LOS ANGELES-Looking like a 21st century “Superfly” with his ponytail dangling and hop to the skip walk, Keith “One Time” Thurman arrived in the Golden State a day earlier and took a look around L.A. for the first time.
If any of the crew from the 70s blaxploitation film happened to run into Thurman they might have mistaken him for the late Ron O’Neal who starred in the 1972 film. Thurman really resembles him.
Thurman is making his California debut and meets Julio Diaz on Saturday April 26, at the StubHub Center in Carson. The two welterweights were joined by Lucas Matthysse, John Molina, Antonio Orozco and others at the Westside Boxing Gym in West L.A on Wednesday.
No true world titles will be rewarded unless you count interim titles. But the Richter scale will be tested when the fight card commences with this group of prizefighters. Each one knows what to expect and they like it.
“You better bring your big boy pants to this kind of fight,” said Molina, who loves that he’s fighting Argentina’s Matthysse. “There’s no hesitation from me for this kind of fight. You know my defense is my offense.”
Molina likes that Matthysse is a hitter and not a runner. He expects to find the Argentine slugger right in front.
“Real fighters don’t pick and choose. It’s a matter of who we are and I’m comfortable with myself,” Molina said.
Meanwhile, Thurman was in the boxing ring shadow boxing for the photographers and bored with just miming punches.
“I don’t know what he’s (Diaz) been doing for eight weeks. But he didn’t prepare for this,” said Thurman as he fired five quick right hand punches in the air. “I don’t think he’ll get up from that…please don’t get popcorn, you might miss the fight.”
After finishing up his shadow boxing, Thurman spoke about what to expect from Coachella’s Diaz.
“I expect to get a boxer who is more intelligent,” said Thurman. “I believe my youth, and athleticism will be too much for him to handle.”
Diaz had been standing in a far corner with some reporters and taking photos. A few years ago many observers felt the former lightweight world champion had seen better days and was far past his prime. Then he moved up to welterweight and suddenly found added strength, power and stamina.
“I stayed too long at lightweight,” said Diaz, who fought for more than a decade at 135 pounds. “I was getting wobbled by amateurs in sparring. I was too weak.”
The move up in weight seemed to increase his strength. He fought current IBF welterweight titlist Shawn Porter to a draw and then lost a decision. Diaz also battled Amir Khan and floored the speedy champion and lost a close match that many felt he won.
“Look at what Shawn Porter is doing, he’s knocking people out,” Diaz said. “He didn’t knock me out.”
Diaz expects to find a fighter who is in love with his own power. He doesn’t mind that he’s been fighting the best welterweights.

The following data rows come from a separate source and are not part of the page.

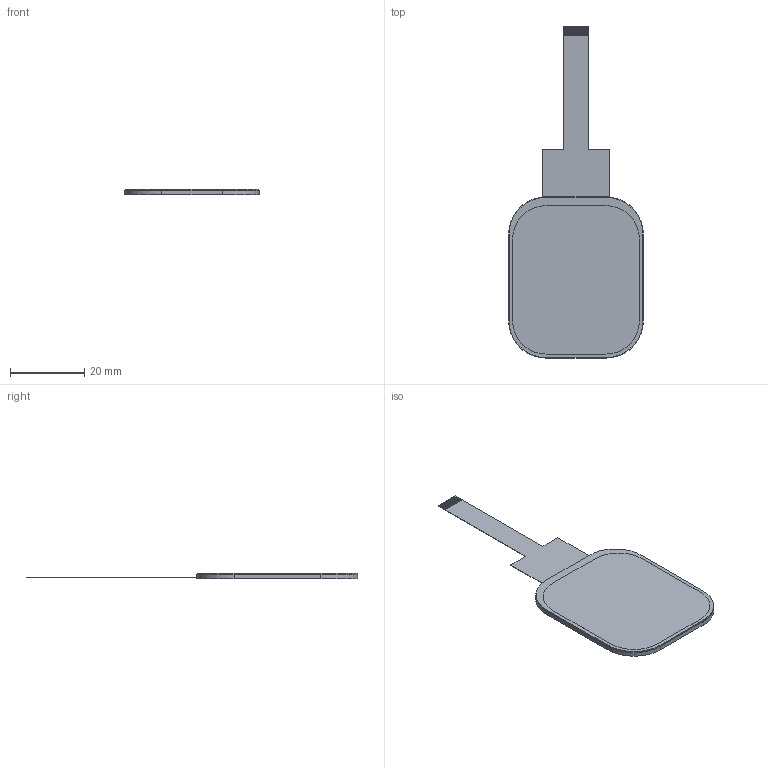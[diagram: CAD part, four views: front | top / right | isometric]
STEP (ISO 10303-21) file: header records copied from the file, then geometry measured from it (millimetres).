
FILE_DESCRIPTION(('FreeCAD Model'),'2;1');
FILE_NAME('Open CASCADE Shape Model','2026-09-21T09:16:45',('FreeCAD'),( 'FreeCAD'),'Open CASCADE STEP processor 7.8','FreeCAD','Unknown');
FILE_SCHEMA(('AUTOMOTIVE_DESIGN { 1 0 10303 214 1 1 1 1 }'));
Length unit declared in the file: millimetre
Products named in the file (1): Open CASCADE STEP translator 7.8 1
Bounding box: 36.33 x 89.59 x 1.46 mm (x, y, z)
Volume: 2242.3 mm3; surface area: 9687 mm2
Topology: 25 solids, 25 shells, 166 faces, 348 edges, 232 vertices
Faces by surface type: plane 154, cylinder 12
Entity records: 4318 total; most frequent: CARTESIAN_POINT 747, DIRECTION 706, ORIENTED_EDGE 696, EDGE_CURVE 348, LINE 324, VECTOR 324, VERTEX_POINT 232, AXIS2_PLACEMENT_3D 191
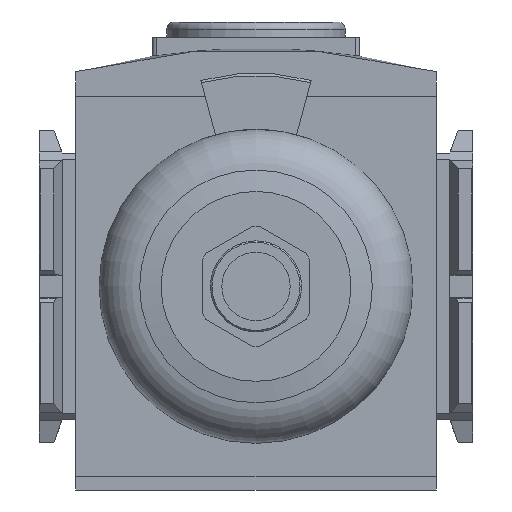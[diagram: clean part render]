
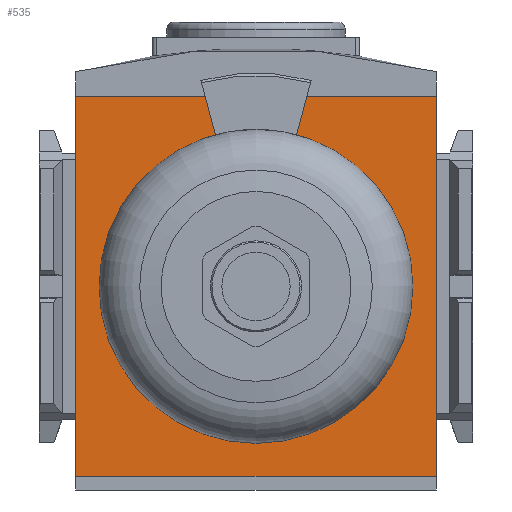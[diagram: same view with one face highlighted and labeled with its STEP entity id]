
A CAD part, front view. The second image highlights one B-rep face of the part: STEP entity #535.
In plain terms, the highlighted planar face has unit normal (0, -1, 0) as drawn and (0, 1, 0) by its records, which use the part's own axes.
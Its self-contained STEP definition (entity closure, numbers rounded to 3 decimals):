
#535 = ADVANCED_FACE( '', ( #1209, #1210 ), #1211, .T. );
#1209 = FACE_BOUND( '', #2033, .T. );
#1210 = FACE_OUTER_BOUND( '', #2034, .T. );
#1211 = PLANE( '', #2035 );
#2033 = EDGE_LOOP( '', ( #3588 ) );
#2034 = EDGE_LOOP( '', ( #3589, #3590, #3591, #3592 ) );
#2035 = AXIS2_PLACEMENT_3D( '', #3593, #3594, #3595 );
#3588 = ORIENTED_EDGE( '', *, *, #5409, .T. );
#3589 = ORIENTED_EDGE( '', *, *, #5318, .T. );
#3590 = ORIENTED_EDGE( '', *, *, #4818, .T. );
#3591 = ORIENTED_EDGE( '', *, *, #5065, .T. );
#3592 = ORIENTED_EDGE( '', *, *, #5410, .T. );
#3593 = CARTESIAN_POINT( '', ( 0., 32., 0. ) );
#3594 = DIRECTION( '', ( 0., 1., 0. ) );
#3595 = DIRECTION( '', ( 0., 0., 1. ) );
#4818 = EDGE_CURVE( '', #5741, #5739, #5742, .T. );
#5065 = EDGE_CURVE( '', #5739, #6172, #6174, .T. );
#5318 = EDGE_CURVE( '', #6571, #5741, #6572, .T. );
#5409 = EDGE_CURVE( '', #6705, #6705, #6706, .T. );
#5410 = EDGE_CURVE( '', #6172, #6571, #6707, .T. );
#5739 = VERTEX_POINT( '', #7107 );
#5741 = VERTEX_POINT( '', #7110 );
#5742 = LINE( '', #7111, #7112 );
#6172 = VERTEX_POINT( '', #7716 );
#6174 = LINE( '', #7719, #7720 );
#6571 = VERTEX_POINT( '', #8249 );
#6572 = LINE( '', #8250, #8251 );
#6705 = VERTEX_POINT( '', #8429 );
#6706 = CIRCLE( '', #8430, 20.661 );
#6707 = LINE( '', #8431, #8432 );
#7107 = CARTESIAN_POINT( '', ( 23.75, 32., 25. ) );
#7110 = CARTESIAN_POINT( '', ( -23.75, 32., 25. ) );
#7111 = CARTESIAN_POINT( '', ( -23.75, 32., 25. ) );
#7112 = VECTOR( '', #8932, 1000. );
#7716 = CARTESIAN_POINT( '', ( 23.75, 32., -25. ) );
#7719 = CARTESIAN_POINT( '', ( 23.75, 32., 25. ) );
#7720 = VECTOR( '', #9195, 1000. );
#8249 = CARTESIAN_POINT( '', ( -23.75, 32., -25. ) );
#8250 = CARTESIAN_POINT( '', ( -23.75, 32., -25. ) );
#8251 = VECTOR( '', #9538, 1000. );
#8429 = CARTESIAN_POINT( '', ( 0., 32., -20.661 ) );
#8430 = AXIS2_PLACEMENT_3D( '', #9644, #9645, #9646 );
#8431 = CARTESIAN_POINT( '', ( 23.75, 32., -25. ) );
#8432 = VECTOR( '', #9647, 1000. );
#8932 = DIRECTION( '', ( 1., 0., 0. ) );
#9195 = DIRECTION( '', ( 0., 0., -1. ) );
#9538 = DIRECTION( '', ( 0., 0., 1. ) );
#9644 = CARTESIAN_POINT( '', ( 0., 32., 0. ) );
#9645 = DIRECTION( '', ( 0., -1., 0. ) );
#9646 = DIRECTION( '', ( 0., 0., -1. ) );
#9647 = DIRECTION( '', ( -1., 0., 0. ) );
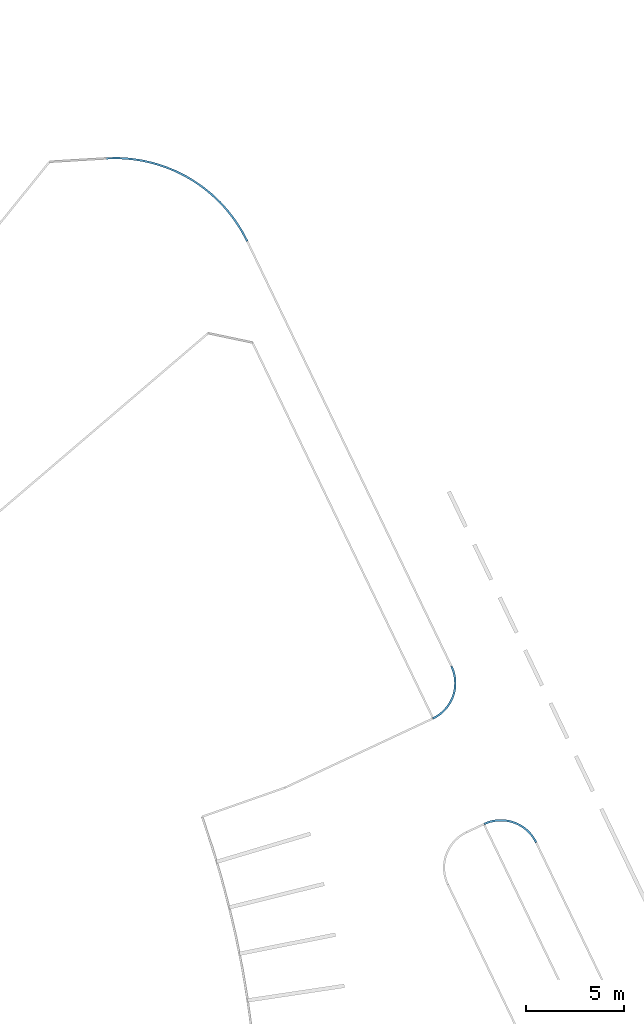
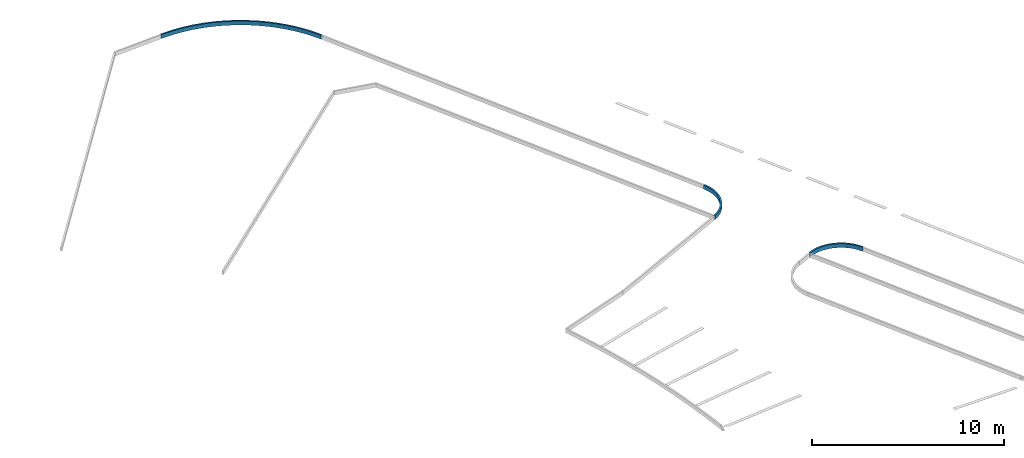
# One storey, part 118 of 157: 3 beams.
"""IFC2X3 building model written with IfcOpenShell, lengths in millimetres."""

from ifc_helpers import new_model, entity, si_unit, converted_unit, derived_unit, direction, frame, origin, place, context, subcontext, project, spatial, faceted_brep, material, type_object, element, save


model = new_model("IFC2X3")

# Units and contexts
model_context = context("Model", 3, precision=0.01, world=origin(), true_north=direction((6.123031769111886e-17, 1.0)))
body_context = subcontext(model_context, "Body", "Model", "MODEL_VIEW")
ifc_project = project(units=[si_unit("LENGTHUNIT", "METRE", prefix="MILLI"), si_unit("AREAUNIT", "SQUARE_METRE"), si_unit("VOLUMEUNIT", "CUBIC_METRE"), converted_unit("PLANEANGLEUNIT", "DEGREE", entity("IfcRatioMeasure", 0.017453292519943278), si_unit("PLANEANGLEUNIT", "RADIAN"), dimensions=[0, 0, 0, 0, 0, 0, 0]), si_unit("MASSUNIT", "GRAM", prefix="KILO"), derived_unit("MASSDENSITYUNIT", [(si_unit("MASSUNIT", "GRAM", prefix="KILO"), 1), (si_unit("LENGTHUNIT", "METRE"), -3)]), derived_unit("MOMENTOFINERTIAUNIT", [(si_unit("LENGTHUNIT", "METRE"), 4)]), si_unit("TIMEUNIT", "SECOND"), si_unit("FREQUENCYUNIT", "HERTZ"), si_unit("THERMODYNAMICTEMPERATUREUNIT", "DEGREE_CELSIUS"), derived_unit("THERMALTRANSMITTANCEUNIT", [(si_unit("MASSUNIT", "GRAM", prefix="KILO"), 1), (si_unit("THERMODYNAMICTEMPERATUREUNIT", "KELVIN"), -1), (si_unit("TIMEUNIT", "SECOND"), -3)]), derived_unit("THERMALCONDUCTANCEUNIT", [(si_unit("MASSUNIT", "GRAM", prefix="KILO"), 1), (si_unit("LENGTHUNIT", "METRE"), 1), (si_unit("THERMODYNAMICTEMPERATUREUNIT", "KELVIN"), -1), (si_unit("TIMEUNIT", "SECOND"), -3)]), derived_unit("VOLUMETRICFLOWRATEUNIT", [(si_unit("LENGTHUNIT", "METRE"), 3), (si_unit("TIMEUNIT", "SECOND"), -1)]), derived_unit("MASSFLOWRATEUNIT", [(si_unit("MASSUNIT", "GRAM", prefix="KILO"), 1), (si_unit("TIMEUNIT", "SECOND"), -1)]), derived_unit("ROTATIONALFREQUENCYUNIT", [(si_unit("TIMEUNIT", "SECOND"), -1)]), si_unit("ELECTRICCURRENTUNIT", "AMPERE"), si_unit("ELECTRICVOLTAGEUNIT", "VOLT"), si_unit("POWERUNIT", "WATT"), converted_unit("FORCEUNIT", "KIP", entity("IfcRatioMeasure", 2.088543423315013e-05), si_unit("FORCEUNIT", "NEWTON"), dimensions=[1, 1, -2, 0, 0, 0, 0]), si_unit("ILLUMINANCEUNIT", "LUX"), si_unit("LUMINOUSFLUXUNIT", "LUMEN"), si_unit("LUMINOUSINTENSITYUNIT", "CANDELA"), derived_unit("USERDEFINED", [(si_unit("MASSUNIT", "GRAM", prefix="KILO"), -1), (si_unit("LENGTHUNIT", "METRE"), -2), (si_unit("TIMEUNIT", "SECOND"), 3), (si_unit("LUMINOUSFLUXUNIT", "LUMEN"), 1)]), derived_unit("USERDEFINED", [(si_unit("MASSUNIT", "GRAM", prefix="KILO"), 1), (si_unit("LENGTHUNIT", "METRE"), 3), (si_unit("TIMEUNIT", "SECOND"), -3), (si_unit("ELECTRICCURRENTUNIT", "AMPERE"), -2)]), derived_unit("USERDEFINED", [(si_unit("LENGTHUNIT", "METRE"), 2), (si_unit("TIMEUNIT", "SECOND"), -2)]), derived_unit("SOUNDPOWERUNIT", [(si_unit("MASSUNIT", "GRAM", prefix="KILO"), 1), (si_unit("LENGTHUNIT", "METRE"), 2), (si_unit("TIMEUNIT", "SECOND"), -3)]), derived_unit("SOUNDPRESSUREUNIT", [(si_unit("MASSUNIT", "GRAM", prefix="KILO"), 1), (si_unit("LENGTHUNIT", "METRE"), -1), (si_unit("TIMEUNIT", "SECOND"), -2)]), derived_unit("LINEARVELOCITYUNIT", [(si_unit("LENGTHUNIT", "METRE"), 1), (si_unit("TIMEUNIT", "SECOND"), -1)]), si_unit("PRESSUREUNIT", "PASCAL"), derived_unit("USERDEFINED", [(si_unit("LENGTHUNIT", "METRE"), -2), (si_unit("MASSUNIT", "GRAM", prefix="KILO"), 1), (si_unit("TIMEUNIT", "SECOND"), -2)]), derived_unit("LINEARFORCEUNIT", [(si_unit("MASSUNIT", "GRAM", prefix="KILO"), 1), (si_unit("LENGTHUNIT", "METRE"), 1), (si_unit("TIMEUNIT", "SECOND"), -2), (si_unit("LENGTHUNIT", "METRE"), -1)]), derived_unit("PLANARFORCEUNIT", [(si_unit("MASSUNIT", "GRAM", prefix="KILO"), 1), (si_unit("LENGTHUNIT", "METRE"), 1), (si_unit("TIMEUNIT", "SECOND"), -2), (si_unit("LENGTHUNIT", "METRE"), -2)]), derived_unit("SPECIFICHEATCAPACITYUNIT", [(si_unit("LENGTHUNIT", "METRE"), 2), (si_unit("TIMEUNIT", "SECOND"), -2), (si_unit("THERMODYNAMICTEMPERATUREUNIT", "KELVIN"), -1)]), derived_unit("VAPORPERMEABILITYUNIT", [(si_unit("TIMEUNIT", "SECOND"), 1), (si_unit("LENGTHUNIT", "METRE"), -1)]), derived_unit("DYNAMICVISCOSITYUNIT", [(si_unit("MASSUNIT", "GRAM", prefix="KILO"), 1), (si_unit("LENGTHUNIT", "METRE"), -1), (si_unit("TIMEUNIT", "SECOND"), -1)]), derived_unit("THERMALEXPANSIONCOEFFICIENTUNIT", [(si_unit("THERMODYNAMICTEMPERATUREUNIT", "KELVIN"), -1)])], contexts=[model_context])

# Site, building, storey
site_placement = place(None, frame((0.0, 0.0, 0.0), z_axis=(0.0, 0.0, 1.0), x_axis=(0.8191520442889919, 0.5735764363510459, 0.0)))
site = spatial("IfcSite", under=ifc_project, at=site_placement, Name="Default", CompositionType="ELEMENT")
building_placement = place(site_placement, origin())
building = spatial("IfcBuilding", under=site, at=building_placement, CompositionType="ELEMENT")
storey_placement = place(building_placement, origin())
storey = spatial("IfcBuildingStorey", under=building, at=storey_placement, Name="1.EG +0.00", CompositionType="ELEMENT", Elevation=-4.331468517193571e-12)

# Beams
ifc_material = material(Name="Paveta_bordur")
beam_type_1 = type_object("IfcBeamType", Name="Beam-143", PredefinedType="NOTDEFINED")
beam_1_placement = place(storey_placement, frame((24529.94183142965, -59084.03622694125, 260.0)))
element("IfcBeam", 1, at=beam_1_placement, inside=storey, type_object=beam_type_1, material=ifc_material, Name="Beam-143:Beam-143", ObjectType="Beam-143:Beam-143", context=body_context, shape_type="Brep", body=[
    faceted_brep([(3453.7379577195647, 17.81459195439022, 250.0), (3453.7379577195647, 17.81459195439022, 0.0), (3552.413859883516, 1.5952722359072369, 0.0), (3552.413859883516, 1.5952722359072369, 250.0), (53.93368868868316, 7659.485015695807, 0.0), (1.5952722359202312, 7574.275332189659, 0.0), (1.5952722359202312, 7574.275332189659, 250.0), (53.93368868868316, 7659.485015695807, 250.0), (2020.2235835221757, 5751.82134745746, 0.0), (1830.7533936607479, 5989.375032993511, 0.0), (1631.7538229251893, 6219.0049030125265, 0.0), (1423.5559153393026, 6440.328958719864, 0.0), (1206.5060167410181, 6652.979018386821, 0.0), (980.9651986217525, 6856.601329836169, 0.0), (747.3086574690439, 7050.857158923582, 0.0), (505.925090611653, 7235.4233530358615, 0.0), (257.21604960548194, 7409.992878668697, 0.0), (565.0330348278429, 7316.08468782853, 0.0), (1046.4495201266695, 6932.177805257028, 0.0), (1494.98105183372, 6510.31788553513, 0.0), (1907.6442681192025, 6053.310886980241, 0.0), (2281.6943816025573, 5564.196545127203, 0.0), (2614.643436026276, 5046.228154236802, 0.0), (2904.2768546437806, 4502.850928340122, 0.0), (3032.236561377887, 4222.75749409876, 0.0), (3253.377992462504, 3648.0899430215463, 0.0), (3426.955309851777, 3057.3131309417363, 0.0), (3551.8139816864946, 2454.35654969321, 0.0), (3627.1235232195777, 1843.2307036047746, 0.0), (3652.383020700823, 1228.0004340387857, 0.0), (3627.4244631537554, 612.7578825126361, 0.0), (3496.89704029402, 318.59358049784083, 0.0), (3527.7550430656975, 620.8823332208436, 0.0), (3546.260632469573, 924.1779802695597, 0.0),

“Go big or go home” says Diaz. “I have veteran experience. I haven’t been beaten up. I’m still performing at this high level.”
The whole entire card will be at a high level.
On the other side of the gym Thurman talked to photographers and said he didn’t know where Hollywood was located. No matter, he’s there for business.
“I’m a box smart. I’m a look for openings and I’m a take them and see what Julio brings to the fight,” Thurman said. “Don’t blink.”